# Clearing program information and to do list stuck!



## bongju (Dec 3, 2003)

My Hughes DVR40 started freezing on playback of recorded shows, so I initiated a Clear Program Information and To Do List. I let it run about 36 hours, and then cycled power. It is still showing that is is clearing, and the red record light is blinking about once a second. 

Is there anything else I can try to get out of this cycle?


----------



## DPMGR39 (May 21, 2005)

The amount of time this takes to run depends on how big your drive is, how many recordings are on it, how many season passes, etc. Regardless, I would have thought it should be done by now. If it remains stuck, you can pull the plug and try again I suppose.


----------



## bongju (Dec 3, 2003)

I forgot to mention in my original post that I have added a second 160 GB hard drive, for a total of 200 GB hard drive capacity. 

After I cycle power, there is no change in status; the screen continues to show "Clearing program information & To Do List... This ma take up to an hour". It has now been going for about 3 days.

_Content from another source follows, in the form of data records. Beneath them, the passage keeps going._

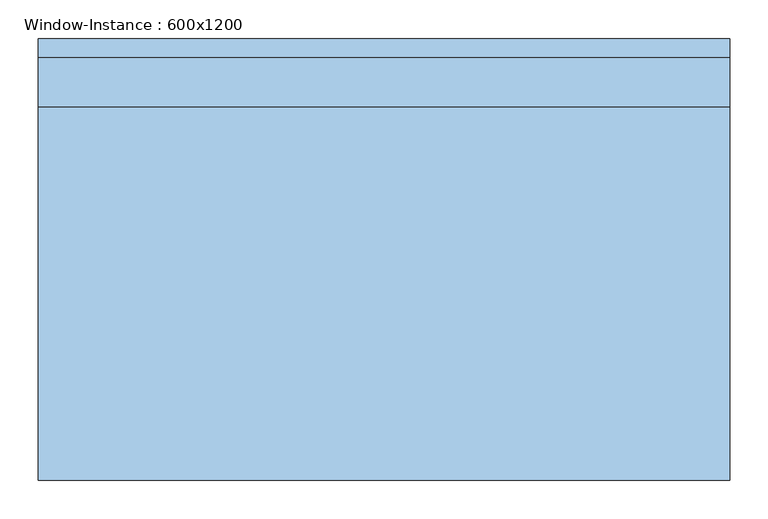
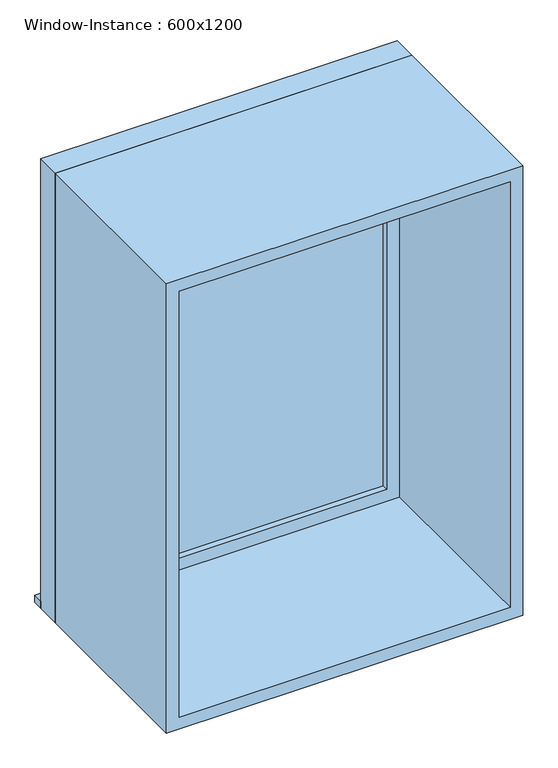
"""IFC4 building model written with IfcOpenShell, lengths in millimetres: window geometry, Window-Instance : 600x1200."""

import ifcopenshell
import ifcopenshell.guid

model = None  # the IFC model being written
_history = None  # IfcOwnerHistory: only IFC2X3 demands one
_inside = {}  # id of a spatial element -> (the spatial element, [elements in it])
_under = {}  # id of a project, library or spatial element -> (it, [spatial elements below it])
_declared = {}  # id of a project -> (the project, [libraries it declares])
_typed = {}  # id of a type object -> (the type object, [elements of that type])
_made_of = {}  # id of a material, layer set ... -> (it, [elements and type objects made of it])


def new_model(schema):
    """Start an empty IFC model of exactly this schema.

    Asked for "IFC4X3", IfcOpenShell would pick the latest addendum, in which some entities
    have other attributes; the version numbers below select the first issue.
    IFC2X3 requires an IfcOwnerHistory on every rooted entity: one is made here for all.
    """
    global model, _history
    if schema == "IFC4X3":
        model = ifcopenshell.file(schema_version=(4, 3, 0, 0))
    else:
        model = ifcopenshell.file(schema=schema)
    _inside.clear()
    _under.clear()
    _declared.clear()
    _typed.clear()
    _made_of.clear()
    _history = None
    if model.schema == "IFC2X3":
        org = make("IfcOrganization", Name="unknown")
        user = make(
            "IfcPersonAndOrganization",
            ThePerson=make("IfcPerson", FamilyName="unknown"),
            TheOrganization=org,
        )
        app = make(
            "IfcApplication",
            ApplicationDeveloper=org,
            Version="unknown",
            ApplicationFullName="unknown",
            ApplicationIdentifier="unknown",
        )
        _history = make(
            "IfcOwnerHistory",
            OwningUser=user,
            OwningApplication=app,
            ChangeAction="ADDED",
            CreationDate=0,
        )
    return model


def make(cls, **values):
    """One entity of the class cls with the attributes given. An attribute that is None is left unset."""
    return model.create_entity(
        cls, **{name: value for name, value in values.items() if value is not None}
    )


def rooted(cls, **values):
    """An entity with a GlobalId (a new one), such as an element, a storey or a relation."""
    return make(cls, GlobalId=ifcopenshell.guid.new(), OwnerHistory=_history, **values)


def si_unit(unit_type, name, prefix=None):
    """IfcSIUnit, for example si_unit("LENGTHUNIT", "METRE", prefix="MILLI")."""
    return make("IfcSIUnit", UnitType=unit_type, Prefix=prefix, Name=name)


def assignment(units):
    """IfcUnitAssignment: the units of a project."""
    return None if units is None else make("IfcUnitAssignment", Units=units)


def point(xyz):
    """IfcCartesianPoint."""
    return None if xyz is None else make("IfcCartesianPoint", Coordinates=xyz)


def direction(xyz):
    """IfcDirection."""
    return None if xyz is None else make("IfcDirection", DirectionRatios=xyz)


def frame(location, z_axis=None, x_axis=None):
    """IfcAxis2Placement3D, a coordinate frame: its origin and axes. An axis left out is left unset."""
    return make(
        "IfcAxis2Placement3D",
        Location=point(location),
        Axis=direction(z_axis),
        RefDirection=direction(x_axis),
    )


def origin():
    """The frame at (0, 0, 0) with its axes left unset."""
    return frame((0.0, 0.0, 0.0))


def place(relative_to, where):
    """IfcLocalPlacement: puts the frame where relative to a parent placement (None: the world)."""
    return make(
        "IfcLocalPlacement", PlacementRelTo=relative_to, RelativePlacement=where
    )


def context(
    kind, dimensions, precision=None, world=None, true_north=None, identifier=None
):
    """IfcGeometricRepresentationContext, for example the 3D "Model" context."""
    return make(
        "IfcGeometricRepresentationContext",
        ContextIdentifier=identifier,
        ContextType=kind,
        CoordinateSpaceDimension=dimensions,
        Precision=precision,
        WorldCoordinateSystem=world,
        TrueNorth=true_north,
    )


def project(units=None, contexts=None):
    """IfcProject with its units and contexts."""
    return rooted(
        "IfcProject",
        Name="project",
        RepresentationContexts=contexts,
        UnitsInContext=assignment(units),
    )


def spatial(cls, under=None, at=None, **own):
    """A site, building, storey or space (cls), placed at a placement, below another one or the project."""
    s = rooted(cls, ObjectPlacement=at, **own)
    if under is not None:
        _under.setdefault(under.id(), (under, []))[1].append(s)
    return s


def polyline(points):
    """IfcPolyline through the points."""
    return make("IfcPolyline", Points=[point(p) for p in points])


def outline(outer, holes=None, kind="AREA"):
    """IfcArbitraryClosedProfileDef: a profile drawn as a closed curve; with holes, ...WithVoids."""
    if holes is None:
        return make("IfcArbitraryClosedProfileDef", ProfileType=kind, OuterCurve=outer)
    return make(
        "IfcArbitraryProfileDefWithVoids",
        ProfileType=kind,
        OuterCurve=outer,
        InnerCurves=holes,
    )


def extrude(swept, where, along, depth):
    """IfcExtrudedAreaSolid: the profile swept, set in the frame where, extruded along a direction by depth."""
    return make(
        "IfcExtrudedAreaSolid",
        SweptArea=swept,
        Position=where,
        ExtrudedDirection=direction(along),
        Depth=depth,
    )


def shape(context_of_items, identifier, shape_type, items):
    """IfcShapeRepresentation: the items that make up one representation, for example the "Body"."""
    return make(
        "IfcShapeRepresentation",
        ContextOfItems=context_of_items,
        RepresentationIdentifier=identifier,
        RepresentationType=shape_type,
        Items=items,
    )


def source(mapping_origin, context_of_items, identifier, shape_type, items):
    """IfcRepresentationMap: a shape defined once, which mapped items show again and again."""
    return make(
        "IfcRepresentationMap",
        MappingOrigin=mapping_origin,
        MappedRepresentation=shape(context_of_items, identifier, shape_type, items),
    )


def transform(
    local_origin,
    x_axis=None,
    y_axis=None,
    z_axis=None,
    scale=None,
    scale2=None,
    scale3=None,
    uniform=True,
):
    """IfcCartesianTransformationOperator3D, or its non-uniform kind. x_axis, y_axis, z_axis: its Axis1, 2, 3."""
    if uniform:
        return make(
            "IfcCartesianTransformationOperator3D",
            Axis1=direction(x_axis),
            Axis2=direction(y_axis),
            LocalOrigin=point(local_origin),
            Scale=scale,
            Axis3=direction(z_axis),
        )
    return make(
        "IfcCartesianTransformationOperator3DnonUniform",
        Axis1=direction(x_axis),
        Axis2=direction(y_axis),
        LocalOrigin=point(local_origin),
        Scale=scale,
        Axis3=direction(z_axis),
        Scale2=scale2,
        Scale3=scale3,
    )


def mapped(mapping_source, mapping_target):
    """IfcMappedItem: shows the shape of a source again, moved by a transform."""
    return make(
        "IfcMappedItem", MappingSource=mapping_source, MappingTarget=mapping_target
    )


def made_of(thing, what):
    """Note that an element or type object is made of a material, layer set ...; save() writes the relation."""
    if what is not None:
        _made_of.setdefault(what.id(), (what, []))[1].append(thing)
    return thing


def element(
    cls,
    number,
    at=None,
    inside=None,
    cuts=None,
    type_object=None,
    material=None,
    context=None,
    identifier="Body",
    shape_type=None,
    held_by="IfcProductDefinitionShape",
    body=None,
    shapes=None,
    **own,
):
    """One element of the class cls, such as IfcWall. Its Tag is "e" and its number.

    at: its placement. inside: the storey or other place that contains it. cuts: it is an
    opening in that element (IfcRelVoidsElement). A single representation is given by context,
    identifier, shape_type and body (its items); several are given by shapes. held_by: the class
    of the entity that holds the representations. save() writes the other relations.
    """
    e = rooted(cls, Tag="e%d" % number, ObjectPlacement=at, **own)
    if body is not None:
        shapes = [shape(context, identifier, shape_type, body)]
    if shapes is not None:
        e.Representation = make(held_by, Representations=shapes)
    if inside is not None:
        _inside.setdefault(inside.id(), (inside, []))[1].append(e)
    if cuts is not None:
        rooted(
            "IfcRelVoidsElement", RelatingBuildingElement=cuts, RelatedOpeningElement=e
        )
    if type_object is not None:
        _typed.setdefault(type_object.id(), (type_object, []))[1].append(e)
    return made_of(e, material)


def aggregate(whole, parts):
    """IfcRelAggregates: a whole, such as a stair, and the parts it consists of."""
    return rooted("IfcRelAggregates", RelatingObject=whole, RelatedObjects=parts)


def save(model, path):
    """Write the relations noted so far, then the file.

    IfcRelAggregates (storeys below a building ...), IfcRelContainedInSpatialStructure (elements
    in a storey), IfcRelDefinesByType, IfcRelAssociatesMaterial and IfcRelDeclares: one each for
    every whole, place, type object, material and project.
    """
    for whole, parts in _under.values():
        aggregate(whole, parts)
    for where, things in _inside.values():
        rooted(
            "IfcRelContainedInSpatialStructure",
            RelatedElements=things,
            RelatingStructure=where,
        )
    for kind, things in _typed.values():
        rooted("IfcRelDefinesByType", RelatedObjects=things, RelatingType=kind)
    for what, things in _made_of.values():
        rooted("IfcRelAssociatesMaterial", RelatedObjects=things, RelatingMaterial=what)
    for by, libraries in _declared.values():
        rooted("IfcRelDeclares", RelatingContext=by, RelatedDefinitions=libraries)
    model.write(path)


def window_instance_600x1200_0f68ffda(model_context):
    return source(origin(), model_context, "Body", "SweptSolid", [
        extrude(outline(polyline([(-488.1, 300.4), (411.9, 300.4), (411.9, 275.0), (-488.1, 275.0), (-488.1, 300.4)])), frame((0.0, 0.0, 900.0), z_axis=(0.0, 0.0, 1.0), x_axis=(1.0, 0.0, 0.0)), (0.0, 0.0, 1.0), 19.05),
        extrude(outline(polyline([(348.4, 226.425), (-424.6, 226.425), (-424.6, 239.125), (348.4, 239.125), (348.4, 226.425)])), frame((0.0, 0.0, 963.5), z_axis=(0.0, 0.0, 1.0), x_axis=(1.0, 0.0, 0.0)), (0.0, 0.0, 1.0), 1073.0),
        extrude(outline(polyline([(2080.95, -469.05), (919.05, -469.05), (919.05, 392.85), (2080.95, 392.85), (2080.95, -469.05)]), holes=[polyline([(2036.5, -424.6), (2036.5, 348.4), (963.5, 348.4), (963.5, -424.6), (2036.5, -424.6)])]), frame((0.0, 210.55, 0.0), z_axis=(0.0, 1.0, 0.0), x_axis=(0.0, 0.0, 1.0)), (0.0, 0.0, 1.0), 44.45),
        extrude(outline(polyline([(2100.0, -488.1), (900.0, -488.1), (900.0, 411.9), (2100.0, 411.9), (2100.0, -488.1)]), holes=[polyline([(2068.25, -456.35), (2068.25, 380.15), (931.75, 380.15), (931.75, -456.35), (2068.25, -456.35)])]), frame((0.0, -275.0, 0.0), z_axis=(0.0, 1.0, 0.0), x_axis=(0.0, 0.0, 1.0)), (0.0, 0.0, 1.0), 485.55),
        extrude(outline(polyline([(2100.0, 411.9), (2100.0, -488.1), (900.0, -488.1), (900.0, 411.9), (2100.0, 411.9)]), holes=[polyline([(2080.95, 392.85), (919.05, 392.85), (919.05, -469.05), (2080.95, -469.05), (2080.95, 392.85)])]), frame((0.0, 210.55, 0.0), z_axis=(0.0, 1.0, 0.0), x_axis=(0.0, 0.0, 1.0)), (0.0, 0.0, 1.0), 64.45),
    ])


if __name__ == "__main__":
    model = new_model("IFC4")
    model_context = context("Model", 3, world=origin())
    ifc_project = project(units=[si_unit("LENGTHUNIT", "METRE", prefix="MILLI")], contexts=[model_context])
    site = spatial("IfcSite", under=ifc_project)
    building = spatial("IfcBuilding", under=site)
    placement = place(None, origin())
    window_instance_600x1200_shape = window_instance_600x1200_0f68ffda(model_context)
    element("IfcWindow", 1, ObjectType="Window-Instance : 600x1200", at=placement, inside=building, context=model_context, shape_type="MappedRepresentation", body=[
        mapped(window_instance_600x1200_shape, transform((0.0, 0.0, 0.0), x_axis=(1.0, 0.0, 0.0), y_axis=(0.0, 1.0, 0.0), z_axis=(0.0, 0.0, 1.0))),
    ])
    save(model, "model.ifc")

# Revit data of these elements
# Type "Window-Instance : 600x1200"
#   Type Mark = "7"
#   Construction Type Id = "GSP4R"
#   Assembly Code = "B2020100"
#   Analytic Construction = "1/8 in Pilkington single glazing"
#   Visual Light Transmittance = 0.9
#   Thermal Resistance (R) = 0.149095 (m²·K)/W
#   Solar Heat Gain Coefficient = 0.86
#   Heat Transfer Coefficient (U) = 6.70716 W/(m²·K)
#   Height [instance default] = 1200 mm
#   Default Sill Height = 900 mm
#   Width [instance default] = 600 mm
#   Window Inset = 20 mm
#   Glass Pane Material = WW-EC-GL-Storefront
#   Sash Material = WW-EC-RGB-White
#   Wall Closure = (empty or 0)
# Element 1 (IfcWindow, "Window-Instance : 600x1200")
#   Width = 900 mm
#   Materials on its faces: "WW-EC-RGB-White", "WW-EC-GL-Storefront"
# Materials
#   "WW-EC-GL-Storefront": class "Glass", colour RGB 236 240 239, transparency 0.85, Description = "Storefront Glass", Cost = 0
#   "WW-EC-RGB-White": class "Generic", colour RGB 255 255 255, transparency 0, Comments = "If region requests off-white, swith asset color to RGB 231-228-220", Description = "Generic Color", Cost = 0

If I need to replace the hard drive, what are my options?


----------



## loopie111 (Feb 25, 2004)

Have you found a fix yet? I have a hr10-250 that did the same thing. After freezing I rebooted the unit and it wouldnt go past 70% aquiring signal. I decided to clear program data and now it's been stuck for 2 days.


----------



## Dkerr24 (Oct 29, 2004)

bong: you have a failed hard drive. Since you've added a second drive, you'll have no idea which drive is bad. Best to replace both with a single large (300gb+) hard drive. Less heat, less noise, half the chance of failure compared to a dual drive system.


----------



## bongju (Dec 3, 2003)

Dkerr24, thanks for the response, I was afraid of that. Can someone recommend a guide explains the steps of preparing a new, replacement drive? I suppose I need to get an image of the 6.2 software, and learn some Linux commands.

Thank you.


----------



## BigBearf (Aug 18, 2005)

> Dkerr24, thanks for the response, I was afraid of that. Can someone recommend a guide explains the steps of preparing a new, replacement drive? I suppose I need to get an image of the 6.2 software, and learn some Linux commands.


I would get a Seagate 400 GB 16meg cache drive (BB has them for $159 about every 4 weeks), then go to ptvupgrade and pay $20 for your image and get the $5 boot disc. Then go to the Tivo Underground and visit the Zipper thread. I know minimal *nix however I have been able to upgrade all 8 of my units to 400 GB drives and been able to enable HMO and MRV which are killer apps. 
Hope this helps


----------